On the other hand the improper utilisation of authority by directors could result the lack of trust and provide lesser interest for the global investors. As stated in the case study of “Corporate Governance: Need & Significance in Nepalese Banking System” in Appendix 1, could derail the business growth and the amount of trust from the shareholders.
Issues (Case Study attached in Appendix 1)
Board members are interested to use public deposits as their own assets which is against the BAFIA 2063, article 48
Generally, Board members (non-executive) are liking to use power like executive or, executive director and executive chairman in the area of loan sanction, employee selection and daily office activities which is again the against the BAFIA, 2063 article 24.
Board members are prohibited to take loan from own company however, it is general practice to take loan directly or, indirectly, Similarly, Board members are restricted to provide collateral for loan purpose for own or, for others however, they try to do directly or indirectly
Board members are inclined to authenticate the minutes after finishing the vested interest
The company enjoying the practice of CEO and Chairperson by the same gentle man are ahead in noncompliance activities
Big houses running much same nature business are manipulating public deposits and transferring the fund within the group in their own interest.
The lack of company Act in providing rights to the shareholders and the investors may result the company to dissolve and lose the opportunities that may have come in the way which the directors as an entrepreneur have taken up.
In view of above, the directors duties set by company Act of a country is to enhance the relationship between directors and the shareholders.
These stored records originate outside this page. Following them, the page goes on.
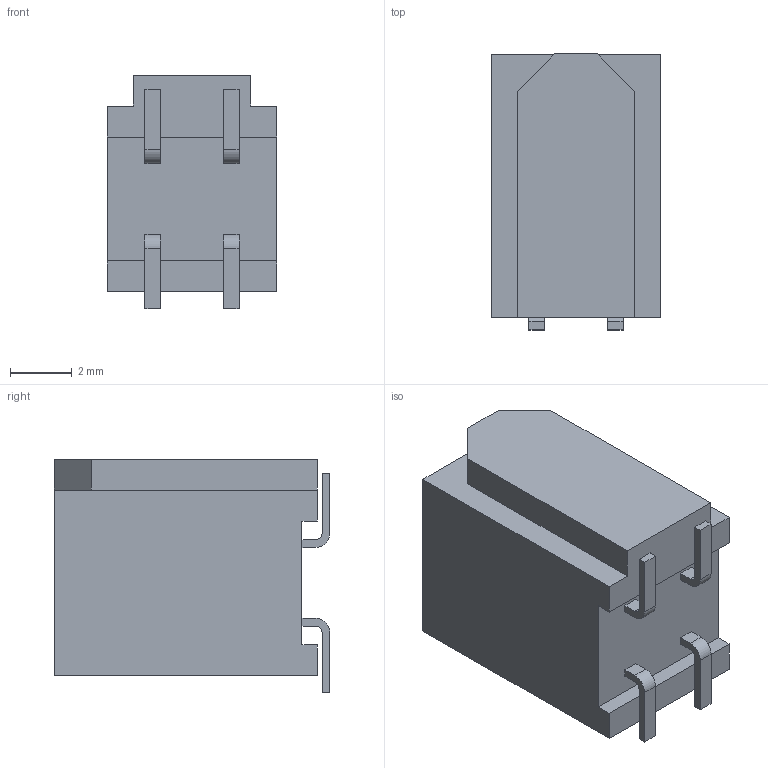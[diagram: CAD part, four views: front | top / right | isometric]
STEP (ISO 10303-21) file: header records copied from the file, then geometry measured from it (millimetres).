
FILE_DESCRIPTION (( 'STEP AP203' ), '1' );
FILE_NAME ('PM254-2-02-S-8.5-BP-XX(L8.9) (2.54双排 排母 贴片 带凸台 塑高8.5-HCTL).STEP', '2025-08-09T08:35:17', ( '' ), ( '' ), 'SwSTEP 2.0', 'SolidWorks 2025', '' );
FILE_SCHEMA (( 'CONFIG_CONTROL_DESIGN' ));
Length unit declared in the file: millimetre
Products named in the file (1): PM254-2-02-S-8.5-BP-XX(L8.9) (2.54双排 排母 贴片 带凸台 塑高8.5-HCTL)
Bounding box: 5.48 x 8.9 x 7.55 mm (x, y, z)
Volume: 297.9 mm3; surface area: 311.4 mm2
Topology: 1 solids, 1 shells, 72 faces, 186 edges, 124 vertices
Faces by surface type: plane 64, cylinder 8
Entity records: 2243 total; most frequent: CARTESIAN_POINT 383, ORIENTED_EDGE 372, DIRECTION 348, EDGE_CURVE 186, LINE 170, VECTOR 170, VERTEX_POINT 124, AXIS2_PLACEMENT_3D 89
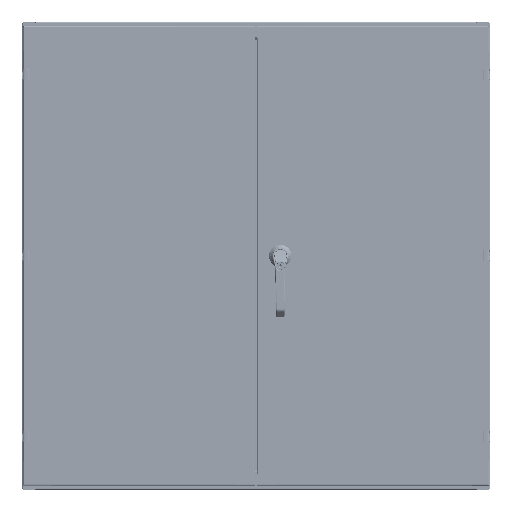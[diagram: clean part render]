
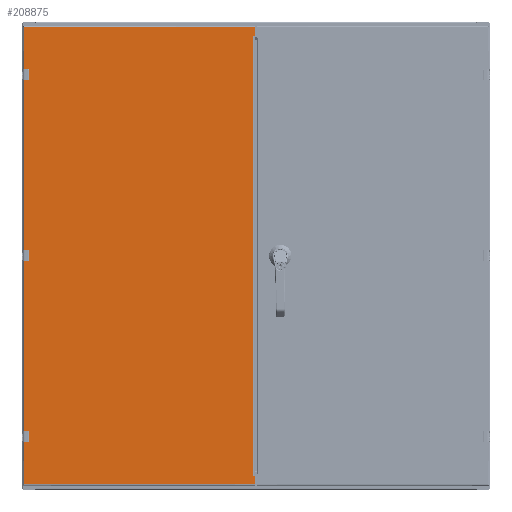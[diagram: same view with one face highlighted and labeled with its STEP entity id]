
A CAD part, top view. The second image highlights one B-rep face of the part: STEP entity #208875.
In plain terms, the highlighted planar face has unit normal (0, 0, 1) as drawn and (0, 1, 0) by its records, which use the part's own axes.
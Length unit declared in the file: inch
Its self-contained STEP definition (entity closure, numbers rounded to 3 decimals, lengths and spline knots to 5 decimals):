
#203909=DIRECTION('',(0.,0.,1.));
#203910=VECTOR('',#203909,20.68);
#203911=CARTESIAN_POINT('',(41.133,0.825,0.135));
#203912=LINE('',#203911,#203910);
#204226=DIRECTION('',(1.,0.,0.));
#204227=VECTOR('',#204226,39.437);
#204228=CARTESIAN_POINT('',(0.9065,0.825,0.252));
#204229=LINE('',#204228,#204227);
#204241=DIRECTION('',(0.,0.,-1.));
#204242=VECTOR('',#204241,0.3629);
#204243=CARTESIAN_POINT('',(37.22,0.825,20.815));
#204244=LINE('',#204243,#204242);
#204248=DIRECTION('',(-1.,0.,0.));
#204249=VECTOR('',#204248,0.63);
#204250=CARTESIAN_POINT('',(37.19,0.825,20.4221));
#204251=LINE('',#204250,#204249);
#204255=DIRECTION('',(0.,0.,-1.));
#204256=VECTOR('',#204255,0.3629);
#204257=CARTESIAN_POINT('',(36.53,0.825,20.815));
#204258=LINE('',#204257,#204256);
#204262=DIRECTION('',(0.,0.,-1.));
#204263=VECTOR('',#204262,0.3629);
#204264=CARTESIAN_POINT('',(20.97,0.825,20.815));
#204265=LINE('',#204264,#204263);
#204269=DIRECTION('',(-1.,0.,0.));
#204270=VECTOR('',#204269,0.63);
#204271=CARTESIAN_POINT('',(20.94,0.825,20.4221));
#204272=LINE('',#204271,#204270);
#204276=DIRECTION('',(0.,0.,-1.));
#204277=VECTOR('',#204276,0.3629);
#204278=CARTESIAN_POINT('',(20.28,0.825,20.815));
#204279=LINE('',#204278,#204277);
#204283=DIRECTION('',(0.,0.,-1.));
#204284=VECTOR('',#204283,0.3629);
#204285=CARTESIAN_POINT('',(4.72,0.825,20.815));
#204286=LINE('',#204285,#204284);
#204290=DIRECTION('',(-1.,0.,0.));
#204291=VECTOR('',#204290,0.63);
#204292=CARTESIAN_POINT('',(4.69,0.825,20.4221));
#204293=LINE('',#204292,#204291);
#204297=DIRECTION('',(0.,0.,-1.));
#204298=VECTOR('',#204297,0.3629);
#204299=CARTESIAN_POINT('',(4.03,0.825,20.815));
#204300=LINE('',#204299,#204298);
#204304=DIRECTION('',(-1.,0.,0.));
#204305=VECTOR('',#204304,0.73132);
#204306=CARTESIAN_POINT('',(0.84832,0.825,0.135));
#204307=LINE('',#204306,#204305);
#204311=DIRECTION('',(0.342,0.,0.94));
#204312=VECTOR('',#204311,0.12451);
#204313=CARTESIAN_POINT('',(0.84832,0.825,0.135));
#204314=LINE('',#204313,#204312);
#204318=DIRECTION('',(-1.,0.,0.));
#204319=VECTOR('',#204318,0.0156);
#204320=CARTESIAN_POINT('',(0.9065,0.825,0.252));
#204321=LINE('',#204320,#204319);
#204325=DIRECTION('',(1.,0.,0.));
#204326=VECTOR('',#204325,0.0156);
#204327=CARTESIAN_POINT('',(40.3435,0.825,0.252));
#204328=LINE('',#204327,#204326);
#204332=DIRECTION('',(-0.342,0.,0.94));
#204333=VECTOR('',#204332,0.12451);
#204334=CARTESIAN_POINT('',(40.40168,0.825,0.135));
#204335=LINE('',#204334,#204333);
#204339=DIRECTION('',(-1.,0.,0.));
#204340=VECTOR('',#204339,0.73132);
#204341=CARTESIAN_POINT('',(41.133,0.825,0.135));
#204342=LINE('',#204341,#204340);
#204354=DIRECTION('',(-1.,0.,0.));
#204355=VECTOR('',#204354,15.56);
#204356=CARTESIAN_POINT('',(36.53,0.825,20.815));
#204357=LINE('',#204356,#204355);
#204399=DIRECTION('',(-1.,0.,0.));
#204400=VECTOR('',#204399,15.56);
#204401=CARTESIAN_POINT('',(20.28,0.825,20.815));
#204402=LINE('',#204401,#204400);
#204442=DIRECTION('',(-1.,0.,0.));
#204443=VECTOR('',#204442,3.913);
#204444=CARTESIAN_POINT('',(4.03,0.825,20.815));
#204445=LINE('',#204444,#204443);
#204515=DIRECTION('',(-1.,0.,0.));
#204516=VECTOR('',#204515,3.913);
#204517=CARTESIAN_POINT('',(41.133,0.825,20.815));
#204518=LINE('',#204517,#204516);
#204536=CARTESIAN_POINT('',(20.94,0.825,20.4521));
#204537=DIRECTION('',(0.,-1.,0.));
#204538=DIRECTION('',(0.,0.,-1.));
#204539=AXIS2_PLACEMENT_3D('',#204536,#204537,#204538);
#204566=CARTESIAN_POINT('',(20.31,0.825,20.4521));
#204567=DIRECTION('',(0.,-1.,0.));
#204568=DIRECTION('',(-1.,0.,0.));
#204569=AXIS2_PLACEMENT_3D('',#204566,#204567,#204568);
#206308=CARTESIAN_POINT('',(37.19,0.825,20.4521));
#206309=DIRECTION('',(0.,-1.,0.));
#206310=DIRECTION('',(0.,0.,-1.));
#206311=AXIS2_PLACEMENT_3D('',#206308,#206309,#206310);
#206338=CARTESIAN_POINT('',(36.56,0.825,20.4521));
#206339=DIRECTION('',(0.,-1.,0.));
#206340=DIRECTION('',(-1.,0.,0.));
#206341=AXIS2_PLACEMENT_3D('',#206338,#206339,#206340);
#206428=CARTESIAN_POINT('',(4.06,0.825,20.4521));
#206429=DIRECTION('',(0.,-1.,0.));
#206430=DIRECTION('',(-1.,0.,0.));
#206431=AXIS2_PLACEMENT_3D('',#206428,#206429,#206430);
#206458=CARTESIAN_POINT('',(4.69,0.825,20.4521));
#206459=DIRECTION('',(0.,-1.,0.));
#206460=DIRECTION('',(0.,0.,-1.));
#206461=AXIS2_PLACEMENT_3D('',#206458,#206459,#206460);
#206474=DIRECTION('',(0.,0.,1.));
#206475=VECTOR('',#206474,20.68);
#206476=CARTESIAN_POINT('',(0.117,0.825,0.135));
#206477=LINE('',#206476,#206475);
#206643=CARTESIAN_POINT('',(40.3435,0.825,0.252));
#206644=CARTESIAN_POINT('',(40.3591,0.825,0.252));
#206645=VERTEX_POINT('',#206643);
#206646=VERTEX_POINT('',#206644);
#206647=CARTESIAN_POINT('',(40.40168,0.825,0.135));
#206648=VERTEX_POINT('',#206647);
#206655=CARTESIAN_POINT('',(41.133,0.825,0.135));
#206656=VERTEX_POINT('',#206655);
#206659=CARTESIAN_POINT('',(0.9065,0.825,0.252));
#206660=CARTESIAN_POINT('',(0.8909,0.825,0.252));
#206661=VERTEX_POINT('',#206659);
#206662=VERTEX_POINT('',#206660);
#206663=CARTESIAN_POINT('',(0.84832,0.825,0.135));
#206664=VERTEX_POINT('',#206663);
#206671=CARTESIAN_POINT('',(0.117,0.825,0.135));
#206672=VERTEX_POINT('',#206671);
#207034=CARTESIAN_POINT('',(0.117,0.825,20.815));
#207035=VERTEX_POINT('',#207034);
#207040=CARTESIAN_POINT('',(41.133,0.825,20.815));
#207042=VERTEX_POINT('',#207040);
#207095=CARTESIAN_POINT('',(4.03,0.825,20.815));
#207097=VERTEX_POINT('',#207095);
#207099=CARTESIAN_POINT('',(4.72,0.825,20.815));
#207101=VERTEX_POINT('',#207099);
#207111=CARTESIAN_POINT('',(36.53,0.825,20.815));
#207113=VERTEX_POINT('',#207111);
#207115=CARTESIAN_POINT('',(37.22,0.825,20.815));
#207117=VERTEX_POINT('',#207115);
#207127=CARTESIAN_POINT('',(20.97,0.825,20.815));
#207129=VERTEX_POINT('',#207127);
#207131=CARTESIAN_POINT('',(20.28,0.825,20.815));
#207133=VERTEX_POINT('',#207131);
#207158=CARTESIAN_POINT('',(4.03,0.825,20.4521));
#207160=VERTEX_POINT('',#207158);
#207162=CARTESIAN_POINT('',(4.06,0.825,20.4221));
#207164=VERTEX_POINT('',#207162);
#207166=CARTESIAN_POINT('',(4.69,0.825,20.4221));
#207168=VERTEX_POINT('',#207166);
#207170=CARTESIAN_POINT('',(4.72,0.825,20.4521));
#207172=VERTEX_POINT('',#207170);
#207190=CARTESIAN_POINT('',(37.19,0.825,20.4221));
#207192=VERTEX_POINT('',#207190);
#207194=CARTESIAN_POINT('',(37.22,0.825,20.4521));
#207196=VERTEX_POINT('',#207194);
#207198=CARTESIAN_POINT('',(36.53,0.825,20.4521));
#207200=VERTEX_POINT('',#207198);
#207202=CARTESIAN_POINT('',(36.56,0.825,20.4221));
#207204=VERTEX_POINT('',#207202);
#207206=CARTESIAN_POINT('',(20.28,0.825,20.4521));
#207208=VERTEX_POINT('',#207206);
#207210=CARTESIAN_POINT('',(20.31,0.825,20.4221));
#207212=VERTEX_POINT('',#207210);
#207214=CARTESIAN_POINT('',(20.94,0.825,20.4221));
#207216=VERTEX_POINT('',#207214);
#207218=CARTESIAN_POINT('',(20.97,0.825,20.4521));
#207220=VERTEX_POINT('',#207218);
#208820=CARTESIAN_POINT('',(41.25,0.825,0.));
#208821=DIRECTION('',(0.,1.,0.));
#208822=DIRECTION('',(-1.,0.,0.));
#208823=AXIS2_PLACEMENT_3D('',#208820,#208821,#208822);
#208824=PLANE('',#208823);
#208825=ORIENTED_EDGE('',*,*,#208436,.T.);
#208827=ORIENTED_EDGE('',*,*,#208826,.T.);
#208829=ORIENTED_EDGE('',*,*,#208828,.T.);
#208831=ORIENTED_EDGE('',*,*,#208830,.F.);
#208833=ORIENTED_EDGE('',*,*,#208832,.T.);
#208835=ORIENTED_EDGE('',*,*,#208834,.F.);
#208837=ORIENTED_EDGE('',*,*,#208836,.F.);
#208839=ORIENTED_EDGE('',*,*,#208838,.T.);
#208841=ORIENTED_EDGE('',*,*,#208840,.T.);
#208843=ORIENTED_EDGE('',*,*,#208842,.F.);
#208845=ORIENTED_EDGE('',*,*,#208844,.T.);
#208847=ORIENTED_EDGE('',*,*,#208846,.F.);
#208849=ORIENTED_EDGE('',*,*,#208848,.F.);
#208851=ORIENTED_EDGE('',*,*,#208850,.T.);
#208853=ORIENTED_EDGE('',*,*,#208852,.T.);
#208855=ORIENTED_EDGE('',*,*,#208854,.F.);
#208857=ORIENTED_EDGE('',*,*,#208856,.T.);
#208859=ORIENTED_EDGE('',*,*,#208858,.F.);
#208861=ORIENTED_EDGE('',*,*,#208860,.F.);
#208863=ORIENTED_EDGE('',*,*,#208862,.T.);
#208865=ORIENTED_EDGE('',*,*,#208864,.F.);
#208866=ORIENTED_EDGE('',*,*,#208647,.F.);
#208867=ORIENTED_EDGE('',*,*,#208813,.T.);
#208868=ORIENTED_EDGE('',*,*,#208811,.F.);
#208869=ORIENTED_EDGE('',*,*,#208760,.T.);
#208870=ORIENTED_EDGE('',*,*,#208741,.T.);
#208871=ORIENTED_EDGE('',*,*,#208739,.F.);
#208872=ORIENTED_EDGE('',*,*,#208635,.F.);
#208873=EDGE_LOOP('',(#208825,#208827,#208829,#208831,#208833,#208835,#208837,
#208839,#208841,#208843,#208845,#208847,#208849,#208851,#208853,#208855,#208857,
#208859,#208861,#208863,#208865,#208866,#208867,#208868,#208869,#208870,#208871,
#208872));
#208874=FACE_OUTER_BOUND('',#208873,.F.);
#204540=CIRCLE('',#204539,0.03);
#204570=CIRCLE('',#204569,0.03);
#206312=CIRCLE('',#206311,0.03);
#206342=CIRCLE('',#206341,0.03);
#206432=CIRCLE('',#206431,0.03);
#206462=CIRCLE('',#206461,0.03);
#208436=EDGE_CURVE('',#206656,#207042,#203912,.T.);
#208635=EDGE_CURVE('',#206656,#206648,#204342,.T.);
#208647=EDGE_CURVE('',#206664,#206672,#204307,.T.);
#208739=EDGE_CURVE('',#206648,#206646,#204335,.T.);
#208741=EDGE_CURVE('',#206645,#206646,#204328,.T.);
#208760=EDGE_CURVE('',#206661,#206645,#204229,.T.);
#208811=EDGE_CURVE('',#206661,#206662,#204321,.T.);
#208813=EDGE_CURVE('',#206664,#206662,#204314,.T.);
#208826=EDGE_CURVE('',#207042,#207117,#204518,.T.);
#208828=EDGE_CURVE('',#207117,#207196,#204244,.T.);
#208830=EDGE_CURVE('',#207192,#207196,#206312,.T.);
#208832=EDGE_CURVE('',#207192,#207204,#204251,.T.);
#208834=EDGE_CURVE('',#207200,#207204,#206342,.T.);
#208836=EDGE_CURVE('',#207113,#207200,#204258,.T.);
#208838=EDGE_CURVE('',#207113,#207129,#204357,.T.);
#208840=EDGE_CURVE('',#207129,#207220,#204265,.T.);
#208842=EDGE_CURVE('',#207216,#207220,#204540,.T.);
#208844=EDGE_CURVE('',#207216,#207212,#204272,.T.);
#208846=EDGE_CURVE('',#207208,#207212,#204570,.T.);
#208848=EDGE_CURVE('',#207133,#207208,#204279,.T.);
#208850=EDGE_CURVE('',#207133,#207101,#204402,.T.);
#208852=EDGE_CURVE('',#207101,#207172,#204286,.T.);
#208854=EDGE_CURVE('',#207168,#207172,#206462,.T.);
#208856=EDGE_CURVE('',#207168,#207164,#204293,.T.);
#208858=EDGE_CURVE('',#207160,#207164,#206432,.T.);
#208860=EDGE_CURVE('',#207097,#207160,#204300,.T.);
#208862=EDGE_CURVE('',#207097,#207035,#204445,.T.);
#208864=EDGE_CURVE('',#206672,#207035,#206477,.T.);
#208875=ADVANCED_FACE('',(#208874),#208824,.T.);
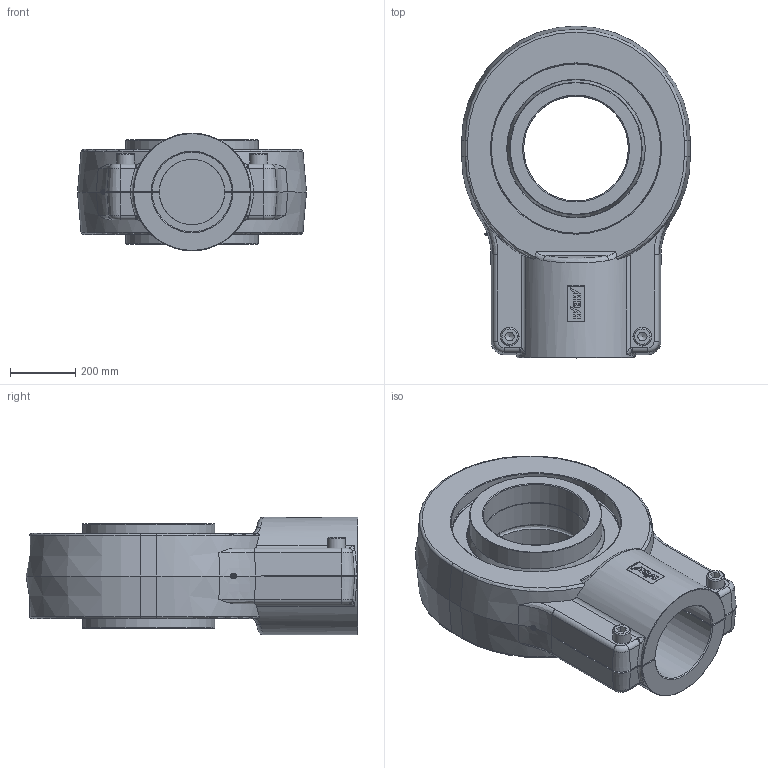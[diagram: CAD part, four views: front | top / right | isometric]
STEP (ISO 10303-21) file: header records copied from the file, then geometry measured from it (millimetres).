
FILE_DESCRIPTION((''),'2;1');
FILE_NAME('H:\WSW\Hydraulikgelenkköpfe\Aktuelle GK Zeichnungen andere Formate\WAPR..CE\WAPR..CE .STP\K-WAPR320CE.stp','2007-12-21T10:58:54',('oliver.joswig'),(''),'Autodesk Inventor 2008','Autodesk Inventor 2008','');
FILE_SCHEMA(('AUTOMOTIVE_DESIGN { 1 0 10303 214 1 1 1 1 }'));
Length unit declared in the file: millimetre
Products named in the file (7): K-WAPR320CE; F-WAPR320CE; GEEW320ES; GEEW_ES_IR mit Nut [Benennung=IR320LO][Breite=320 mm][Kugel=225 mm][Bund_D=202,5 mm][Freid_b=70 mm][Freid_D=161 mm][Bohr=160 mm][Fase=45 grd][R_rs=2,5 mm]; GEEW_ES_AR mit Nut [Benennung=AR_GEEW320ES][Kugel_dk=225mm][Breite=160mm][Radius_r1s=1,1mm][Aussendurchmessser=260mm]; DIN 71412  A  (Feingewinde) AM10 x 1 keg kurz; DIN 912  (Regelgewinde) - ersetzt durch DIN EN ISO 4762 M36 x 160
Assembly tree (7 placements, depth 3):
  K-WAPR320CE
    F-WAPR320CE
    GEEW320ES
      GEEW_ES_IR mit Nut [Benennung=IR320LO][Breite=320 mm][Kugel=225 mm][Bund_D=202,5 mm][Freid_b=70 mm][Freid_D=161 mm][Bohr=160 mm][Fase=45 grd][R_rs=2,5 mm]
      GEEW_ES_AR mit Nut [Benennung=AR_GEEW320ES][Kugel_dk=225mm][Breite=160mm][Radius_r1s=1,1mm][Aussendurchmessser=260mm]
    DIN 71412  A  (Feingewinde) AM10 x 1 keg kurz
    DIN 912  (Regelgewinde) - ersetzt durch DIN EN ISO 4762 M36 x 160  x2
Bounding box: 700 x 1015 x 360 mm (x, y, z)
Volume: 103994420.4 mm3; surface area: 3896062.9 mm2
Topology: 6 solids, 6 shells, 290 faces, 711 edges, 440 vertices
Faces by surface type: plane 111, cylinder 62, bspline 49, cone 42, torus 23, sphere 3
Full cylindrical faces by diameter (mm): 5 x1, 10 x1, 16.238 x2, 24.415 x2, 36 x2, 54 x2, 200 x1, 320 x2, 322 x2, 405 x2, 520 x5, 545 x2
Entity records: 12230 total; most frequent: CARTESIAN_POINT 6092, ORIENTED_EDGE 1210, DIRECTION 1178, EDGE_CURVE 605, AXIS2_PLACEMENT_3D 464, VERTEX_POINT 407, EDGE_LOOP 368, FACE_OUTER_BOUND 276

The role of directors and their responsibilities could determine the company’s growth and its long term operations thereby profiting its shareholders. Hence, if the duties are well practiced it may open a gateway to several new opportunities. This also means the maximisation in entrepreneurship skills of directors by indulging themselves into new market, technology and a wide range of information. The end result is growth in economy as a whole.